I guess the entire moral of this story is that software will only build and
work on the platforms that the developers actively test. Everything else is
going to require some porting effort. Of course, the amount of work will
depend on how well the author did their homework, but the act of yak-shaving
itself is going to be there, 9 times out of 10. Small yaks are better than big
yaks, but they are still yaks. Eww.
So perhaps you could argue that the role of
cmake
is to minimize the amount
of yak that you will have to shave in order to get that piece of software
running. In which case, it sucks. Often the only thing you actually need is to
pass a flag or two to cc
. So in a normal world, you would tack those flags
onto CFLAGS
or whatever and go on about your life. Not so with cmake
. Of
course you remember that the variable is called CMAKE_C_COMPILER_FLAGS
(because why not) and toss in your -I/opt/libmagic/include
in there and
everything should be fine, yes? Except no, because cmake
will insist that
libmagic
cannot be found. Does it want a pkg-config
file? Perhaps you need
to set PKG_CONFIG_PATH
. Or is -DMagic_DIR=/opt/libmagic
? Nobody knows.
I mean sure, it's documented, but the yak has grown considerably.
I don't mean to beat a dead yak here, but also consider this: a typical
cmake
project has dozens upon dozens of user-configurable variables. You can
look at them with ccmake
! This is such a big problem that ccmake
will, by
default, hide most of those variables, because they are ‘advanced’. Of course,
the odds are barely better than 1:1 that you need to tweak one of the advanced
vars.
A case in point:
divine
has 12 pages of normal variables, and 10 more
pages of the ‘advanced’ stuff. With gib
, we are currently at less than 1
page of those. You look at the top of gib/main
, and if you need to change
something (where to find the compiler, flags to give to the compiler, stuff
like that), just put that var into gib/local
with your new value and that's
it. Conveniently, you also won't have to redo those tweaks 2 weeks later, just
because you wiped your build directory. Of course, if you edit gib/main
that's fine too, but version control might get a little upset down the line.

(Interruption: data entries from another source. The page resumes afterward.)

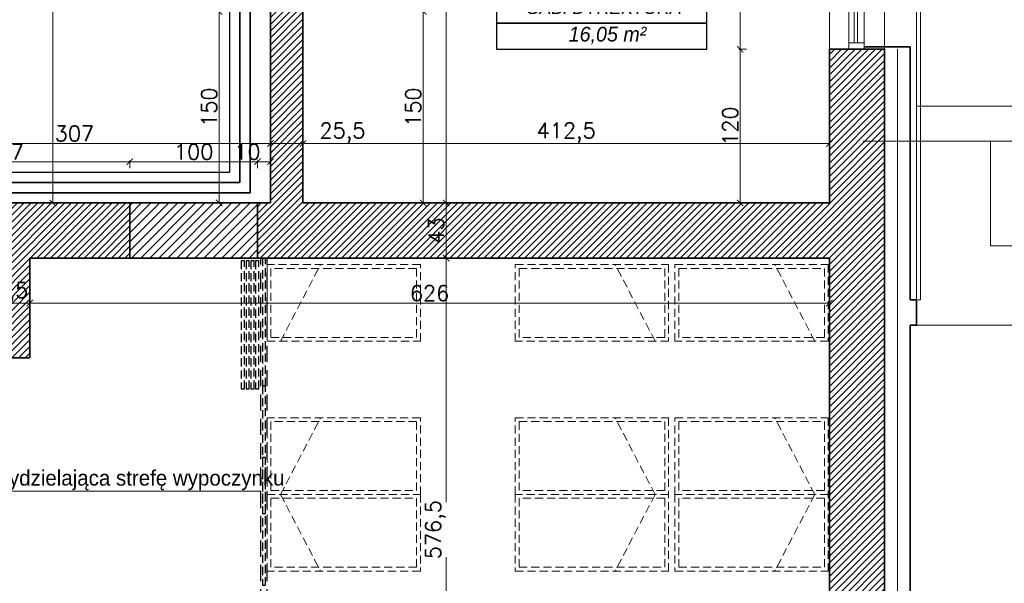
# Model space of a CAD drawing. Header units: millimetres. Extents: x -740 to 33545, y -26688 to 22494.
# Tile 145 of 256: x 11205 to 11976, y 10105 to 10546. Entities that reach past the tile are written whole.
import ezdxf
from ezdxf.lldxf.tags import DXFTag

# ---------------------------------------------------------------- set-up
doc = ezdxf.new("R2010")
doc.units = ezdxf.units.MM
doc.header["$MEASUREMENT"] = 0
doc.linetypes.add('DASHED2', pattern=[9.525, 6.35, -3.175])
doc.layers.get('Defpoints').update_dxf_attribs({"color": 252})
doc.layers.add('_I_EKO_PODKLAD 3', color=252, linetype='Continuous')
doc.layers.add('tabelki opis', color=252, linetype='Continuous')
for name, color, linetype, lineweight in [('_IS_EKO_Cyrkulacja', 6, 'Continuous', 30), ('_IS_EKO_W_Ciepła', 1, 'Continuous', 35), ('_IS_EKO_woda_zimna', 5, 'Continuous', 35), ('A_istniejące ściany', 252, 'Continuous', 35), ('A_izolacja', 252, 'Continuous', 9), ('A_l.przerywana', 252, 'ICAD_ISO03W100', 9), ('A_opisy', 252, 'Continuous', 15), ('A_wyposażenie', 252, 'Continuous', 9), ('A_ściany projektowane', 252, 'Continuous', 35), ('l. przerywana', 252, 'ICAD_ISO03W100', 9), ('l.widokowa', 252, 'Continuous', 15), ('l.wypełnien', 252, 'Continuous', 5), ('linia opisowa', 252, 'Continuous', 9), ('Nowe_820-G Rysunki Obrazki_Nr_pióra__1', 252, 'Continuous', 13), ('Nowe_820-G Rysunki Obrazki_Nr_pióra__23', 252, 'Continuous', 15), ('wymiarowanie', 252, 'Continuous', 9)]:
    doc.layers.add(name, color=color, linetype=linetype, lineweight=lineweight)
doc.styles.add('ARIALL', font='GOTHIC.TTF', dxfattribs={"height": 40})
doc.styles.add('ROMANS', font='romans')
doc.styles.add('styl2', font='simplex.shx')
doc.linetypes.add('BATTING', pattern='A,0.00254,-2.54,[134,ltypeshp.shx,S=2.54,R=0,X=-2.54,Y=0],-5.08,[134,ltypeshp.shx,S=2.54,R=180,X=2.54,Y=0],-2.54', length=10.16254)
tags = doc.linetypes.add('ICAD_ISO03W100', pattern=[30, 12, -18]).pattern_tags.tags
tags[6:7] = [DXFTag(74, 4), DXFTag(75, 0), DXFTag(340, '0'), DXFTag(46, 1.0), DXFTag(50, 0.0), DXFTag(44, 0.0), DXFTag(45, 0.0)]
tags[4:5] = [DXFTag(74, 4), DXFTag(75, 0), DXFTag(340, '0'), DXFTag(46, 1.0), DXFTag(50, 0.0), DXFTag(44, 0.0), DXFTag(45, 0.0)]
doc.dimstyles.new('Skala 1-50', dxfattribs={"dimtxt": 12, "dimasz": 5, "dimexe": 1, "dimexo": 1, "dimgap": 1.5, "dimtad": 1, "dimdec": 1, "dimrnd": 0.5, "dimtxsty": 'styl2', "dimblk": 'ARCHTICK', "dimcen": 5, "dimadec": 0, "dimazin": 0, "dimtfac": 1, "dimtdec": 1, "dimtmove": 1, "dimatfit": 3, "dimldrblk": 'ARCHTICK', "dimfxl": 0, "dimlwd": -1, "dimlwe": -1, "dimarcsym": 0})

# ---------------------------------------------------------------- blocks, each defined once
blk = doc.blocks.new('_ArchTick')
at = {"color": 0, "linetype": 'ByBlock', "const_width": 0.15}
blk.add_lwpolyline([(-0.5, -0.5), (0.5, 0.5)], dxfattribs=at)
blk = doc.blocks.new('*D1176')
at = {"layer": 'Defpoints', "color": 0}
for p in [(11401.42, 10468.65), (11426.82, 10460.12), (11426.82, 10449.07)]:
    blk.add_point(p, dxfattribs=at)
at = {"layer": 'wymiarowanie', "color": 0}
for p, q in [((11401.42, 10454.07), (11401.42, 10448.07)), ((11401.42, 10449.07), (11426.82, 10449.07)), ((11426.82, 10454.07), (11426.82, 10448.07)), ((11426.82, 10449.07), (11474.87, 10449.07))]:
    blk.add_line(p, q, dxfattribs=at)
at = {"layer": 'wymiarowanie', "color": 0, "xscale": 5, "yscale": 5, "zscale": 5, "rotation": 180}
blk.add_blockref('_ArchTick', (11401.42, 10449.07), dxfattribs=at)
at = {"layer": 'wymiarowanie', "color": 0, "xscale": 5, "yscale": 5, "zscale": 5}
blk.add_blockref('_ArchTick', (11426.82, 10449.07), dxfattribs=at)
at = {"layer": 'wymiarowanie', "color": 0, "insert": (11457.8, 10457.42), "char_height": 12, "attachment_point": 5, "style": 'styl2'}
blk.add_mtext('25,5', dxfattribs=at)
blk = doc.blocks.new('*D1177')
at = {"layer": 'Defpoints', "color": 0}
for p in [(11426.82, 10460.12), (11839.15, 10462.64), (11839.15, 10449.07)]:
    blk.add_point(p, dxfattribs=at)
at = {"layer": 'wymiarowanie', "color": 0}
for p, q in [((11426.82, 10454.07), (11426.82, 10448.07)), ((11426.82, 10449.07), (11839.15, 10449.07)), ((11839.15, 10454.07), (11839.15, 10448.07))]:
    blk.add_line(p, q, dxfattribs=at)
at = {"layer": 'wymiarowanie', "color": 0, "xscale": 5, "yscale": 5, "zscale": 5, "rotation": 180}
blk.add_blockref('_ArchTick', (11426.82, 10449.07), dxfattribs=at)
at = {"layer": 'wymiarowanie', "color": 0, "xscale": 5, "yscale": 5, "zscale": 5}
blk.add_blockref('_ArchTick', (11839.15, 10449.07), dxfattribs=at)
at = {"layer": 'wymiarowanie', "color": 0, "insert": (11632.98, 10457.42), "char_height": 12, "attachment_point": 5, "style": 'styl2'}
blk.add_mtext('412,5', dxfattribs=at)
blk = doc.blocks.new('*D1186')
at = {"layer": 'Defpoints', "color": 0}
for p in [(11839.15, 10110.74), (10781.66, 10085.81), (11839.15, 10055.97)]:
    blk.add_point(p, dxfattribs=at)
at = {"layer": 'wymiarowanie', "color": 0}
for p, q in [((10781.66, 10060.97), (10781.66, 10054.97)), ((10781.66, 10055.97), (11839.15, 10055.97)), ((11839.15, 10060.97), (11839.15, 10054.97))]:
    blk.add_line(p, q, dxfattribs=at)
at = {"layer": 'wymiarowanie', "color": 0, "xscale": 5, "yscale": 5, "zscale": 5, "rotation": 180}
blk.add_blockref('_ArchTick', (10781.66, 10055.97), dxfattribs=at)
at = {"layer": 'wymiarowanie', "color": 0, "xscale": 5, "yscale": 5, "zscale": 5}
blk.add_blockref('_ArchTick', (11839.15, 10055.97), dxfattribs=at)
at = {"layer": 'wymiarowanie', "color": 0, "insert": (11310.4, 10064.32), "char_height": 12, "attachment_point": 5, "style": 'styl2'}
blk.add_mtext('1057,5', dxfattribs=at)
blk = doc.blocks.new('*D1210')
at = {"layer": 'Defpoints', "color": 0}
for p in [(11527.57, 10791.99), (11515.94, 10402.52), (11539.01, 10402.52)]:
    blk.add_point(p, dxfattribs=at)
at = {"layer": 'wymiarowanie', "color": 0}
for p, q in [((11534.01, 10791.99), (11540.01, 10791.99)), ((11539.01, 10791.99), (11539.01, 10402.52)), ((11534.01, 10402.52), (11540.01, 10402.52))]:
    blk.add_line(p, q, dxfattribs=at)
at = {"layer": 'wymiarowanie', "color": 0, "xscale": 5, "yscale": 5, "zscale": 5}
for p, rotation in [((11539.01, 10791.99), 90), ((11539.01, 10402.52), 270)]:
    blk.add_blockref('_ArchTick', p, dxfattribs=dict(at, rotation=rotation))
at = {"layer": 'wymiarowanie', "color": 0, "insert": (11530.66, 10597.26), "char_height": 12, "attachment_point": 5, "rotation": 90, "style": 'styl2'}
blk.add_mtext('389,5', dxfattribs=at)
blk = doc.blocks.new('*D1211')
at = {"layer": 'Defpoints', "color": 0}
for p in [(11515.94, 10402.52), (11515.83, 10359.34), (11539.01, 10359.34)]:
    blk.add_point(p, dxfattribs=at)
at = {"layer": 'wymiarowanie', "color": 0}
for p, q in [((11534.01, 10402.52), (11540.01, 10402.52)), ((11539.01, 10402.52), (11539.01, 10359.34)), ((11534.01, 10359.34), (11540.01, 10359.34))]:
    blk.add_line(p, q, dxfattribs=at)
at = {"layer": 'wymiarowanie', "color": 0, "xscale": 5, "yscale": 5, "zscale": 5}
for p, rotation in [((11539.01, 10402.52), 90), ((11539.01, 10359.34), 270)]:
    blk.add_blockref('_ArchTick', p, dxfattribs=dict(at, rotation=rotation))
at = {"layer": 'wymiarowanie', "color": 0, "insert": (11531.21, 10380.93), "char_height": 12, "attachment_point": 5, "rotation": 90, "style": 'styl2'}
blk.add_mtext('43', dxfattribs=at)
blk = doc.blocks.new('*D2126')
at = {"layer": 'Defpoints', "color": 0}
for p in [(11905.83, 10675.69), (11981.91, 10524.75), (12091.4, 10524.75)]:
    blk.add_point(p, dxfattribs=at)
at = {"layer": 'wymiarowanie', "color": 0}
for p, q in [((12086.4, 10675.69), (12092.4, 10675.69)), ((12091.4, 10675.69), (12091.4, 10524.75)), ((12086.4, 10524.75), (12092.4, 10524.75))]:
    blk.add_line(p, q, dxfattribs=at)
at = {"layer": 'wymiarowanie', "color": 0, "xscale": 5, "yscale": 5, "zscale": 5}
for p, rotation in [((12091.4, 10675.69), 90), ((12091.4, 10524.75), 270)]:
    blk.add_blockref('_ArchTick', p, dxfattribs=dict(at, rotation=rotation))
at = {"layer": 'wymiarowanie', "color": 0, "insert": (12083.75, 10600.22), "char_height": 12, "attachment_point": 5, "rotation": 90, "style": 'styl2'}
blk.add_mtext('151', dxfattribs=at)
blk = doc.blocks.new('*D2127')
at = {"layer": 'Defpoints', "color": 0}
for p in [(11907.33, 10306.75), (11961.91, 9739.58), (12091.4, 9739.58)]:
    blk.add_point(p, dxfattribs=at)
at = {"layer": 'wymiarowanie', "color": 0}
for p, q in [((12086.4, 10306.75), (12092.4, 10306.75)), ((12091.4, 10306.75), (12091.4, 9739.58)), ((12086.4, 9739.58), (12092.4, 9739.58))]:
    blk.add_line(p, q, dxfattribs=at)
at = {"layer": 'wymiarowanie', "color": 0, "xscale": 5, "yscale": 5, "zscale": 5}
for p, rotation in [((12091.4, 10306.75), 90), ((12091.4, 9739.58), 270)]:
    blk.add_blockref('_ArchTick', p, dxfattribs=dict(at, rotation=rotation))
at = {"layer": 'wymiarowanie', "color": 0, "insert": (12083.6, 10023.17), "char_height": 12, "attachment_point": 5, "rotation": 90, "style": 'styl2'}
blk.add_mtext('567', dxfattribs=at)
blk = doc.blocks.new('*D2130')
at = {"layer": 'Defpoints', "color": 0}
for p in [(11902.33, 10524.75), (11902.33, 10326.75), (12091.4, 10326.75)]:
    blk.add_point(p, dxfattribs=at)
at = {"layer": 'wymiarowanie', "color": 0}
for p, q in [((12086.4, 10524.75), (12092.4, 10524.75)), ((12091.4, 10524.75), (12091.4, 10326.75)), ((12086.4, 10326.75), (12092.4, 10326.75))]:
    blk.add_line(p, q, dxfattribs=at)
at = {"layer": 'wymiarowanie', "color": 0, "xscale": 5, "yscale": 5, "zscale": 5}
for p, rotation in [((12091.4, 10524.75), 90), ((12091.4, 10326.75), 270)]:
    blk.add_blockref('_ArchTick', p, dxfattribs=dict(at, rotation=rotation))
at = {"layer": 'wymiarowanie', "color": 0, "insert": (12083.6, 10425.75), "char_height": 12, "attachment_point": 5, "rotation": 90, "style": 'styl2'}
blk.add_mtext('198', dxfattribs=at)
blk = doc.blocks.new('*D2131')
at = {"layer": 'Defpoints', "color": 0}
for p in [(11902.33, 10326.75), (11907.33, 10306.75), (12091.4, 10306.75)]:
    blk.add_point(p, dxfattribs=at)
at = {"layer": 'wymiarowanie', "color": 0}
for p, q in [((12086.4, 10326.75), (12092.4, 10326.75)), ((12091.4, 10326.75), (12091.4, 10306.75)), ((12086.4, 10306.75), (12092.4, 10306.75))]:
    blk.add_line(p, q, dxfattribs=at)
at = {"layer": 'wymiarowanie', "color": 0, "xscale": 5, "yscale": 5, "zscale": 5}
for p, rotation in [((12091.4, 10326.75), 90), ((12091.4, 10306.75), 270)]:
    blk.add_blockref('_ArchTick', p, dxfattribs=dict(at, rotation=rotation))
at = {"layer": 'wymiarowanie', "color": 0, "insert": (12083.6, 10292.48), "char_height": 12, "attachment_point": 5, "rotation": 90, "style": 'styl2'}
blk.add_mtext('20', dxfattribs=at)
blk = doc.blocks.new('*D2196')
at = {"layer": 'Defpoints', "color": 0}
for p in [(11219.65, 10791.99), (11218.78, 10402.52), (11231, 10402.52)]:
    blk.add_point(p, dxfattribs=at)
at = {"layer": 'wymiarowanie', "color": 0}
for p, q in [((11226, 10791.99), (11232, 10791.99)), ((11231, 10791.99), (11231, 10686.66)), ((11231, 10402.52), (11231, 10643.36)), ((11226, 10402.52), (11232, 10402.52))]:
    blk.add_line(p, q, dxfattribs=at)
at = {"layer": 'wymiarowanie', "color": 0, "xscale": 5, "yscale": 5, "zscale": 5}
for p, rotation in [((11231, 10791.99), 90), ((11231, 10402.52), 270)]:
    blk.add_blockref('_ArchTick', p, dxfattribs=dict(at, rotation=rotation))
at = {"layer": 'wymiarowanie', "color": 0, "insert": (11222.65, 10665.01), "char_height": 12, "attachment_point": 5, "rotation": 90, "style": 'styl2'}
blk.add_mtext('389,5', dxfattribs=at)
blk = doc.blocks.new('*D2205')
at = {"layer": 'Defpoints', "color": 0}
for p in [(11401.42, 10478.86), (11094.39, 10472.75), (11401.42, 10449.07)]:
    blk.add_point(p, dxfattribs=at)
at = {"layer": 'wymiarowanie', "color": 0}
for p, q in [((11094.39, 10454.07), (11094.39, 10448.07)), ((11094.39, 10449.07), (11401.42, 10449.07)), ((11401.42, 10454.07), (11401.42, 10448.07))]:
    blk.add_line(p, q, dxfattribs=at)
at = {"layer": 'wymiarowanie', "color": 0, "xscale": 5, "yscale": 5, "zscale": 5, "rotation": 180}
blk.add_blockref('_ArchTick', (11094.39, 10449.07), dxfattribs=at)
at = {"layer": 'wymiarowanie', "color": 0, "xscale": 5, "yscale": 5, "zscale": 5}
blk.add_blockref('_ArchTick', (11401.42, 10449.07), dxfattribs=at)
at = {"layer": 'wymiarowanie', "color": 0, "insert": (11247.9, 10456.87), "char_height": 12, "attachment_point": 5, "style": 'styl2'}
blk.add_mtext('307', dxfattribs=at)
blk = doc.blocks.new('*D2209')
at = {"layer": 'Defpoints', "color": 0}
for p in [(11562.62, 10359.34), (11539.01, 9782.76), (11576.75, 9782.76)]:
    blk.add_point(p, dxfattribs=at)
at = {"layer": 'wymiarowanie', "color": 0}
for p, q in [((11544.01, 10359.34), (11538.01, 10359.34)), ((11539.01, 10359.34), (11539.01, 10168.41)), ((11539.01, 9782.76), (11539.01, 10125.2)), ((11544.01, 9782.76), (11538.01, 9782.76))]:
    blk.add_line(p, q, dxfattribs=at)
at = {"layer": 'wymiarowanie', "color": 0, "xscale": 5, "yscale": 5, "zscale": 5}
for p, rotation in [((11539.01, 10359.34), 90), ((11539.01, 9782.76), 270)]:
    blk.add_blockref('_ArchTick', p, dxfattribs=dict(at, rotation=rotation))
at = {"layer": 'wymiarowanie', "color": 0, "insert": (11530.66, 10146.8), "char_height": 12, "attachment_point": 5, "rotation": 90, "style": 'styl2'}
blk.add_mtext('576,5', dxfattribs=at)
blk = doc.blocks.new('*D2620')
at = {"layer": 'Defpoints', "color": 0}
for p in [(11291.35, 10434.77), (11094.39, 10421.64), (11291.35, 10402.52)]:
    blk.add_point(p, dxfattribs=at)
at = {"layer": 'wymiarowanie', "color": 0}
for p, q in [((11094.39, 10429.77), (11094.39, 10435.77)), ((11094.39, 10434.77), (11291.35, 10434.77)), ((11291.35, 10429.77), (11291.35, 10435.77))]:
    blk.add_line(p, q, dxfattribs=at)
at = {"layer": 'wymiarowanie', "color": 0, "xscale": 5, "yscale": 5, "zscale": 5, "rotation": 180}
blk.add_blockref('_ArchTick', (11094.39, 10434.77), dxfattribs=at)
at = {"layer": 'wymiarowanie', "color": 0, "xscale": 5, "yscale": 5, "zscale": 5}
blk.add_blockref('_ArchTick', (11291.35, 10434.77), dxfattribs=at)
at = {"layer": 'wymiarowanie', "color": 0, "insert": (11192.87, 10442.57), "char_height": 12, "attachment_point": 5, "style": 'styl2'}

Of course, sometimes there is a legitimate need to probe for something
automatically. Fortunately, this is very easy with
gib
: write a program that
does the probing (sh
or perl
usually work great) and writes the required
gib rules (probably just variable assignments) into a file. Then sub
that
file. If the script changes, gib
will of course rebuild the rules, and
anything that depends on them. If you want to go all fancy, your script can
even emit dynamic dependencies on the files it probed, so if those files
change, it will re-run the check. Basically the same story as with file lists.
conclusion
All that said,
cmake
has one crucial advantage: many people know it, and
also know where the yaks live. So you save time hunting down the right yak.
Confronted with gib
, chances are you will have no idea where to start, so
there's definitely some extra effort in there. But even if user comfort ends
up being a tossup, the improvement in my life was well worth it.
Since this post is a bit light on detail, I will perhaps write a more in-depth
followup in a few weeks. Or perhaps just some old-fashioned documentation. You
didn't expect the thing to be documented, did you?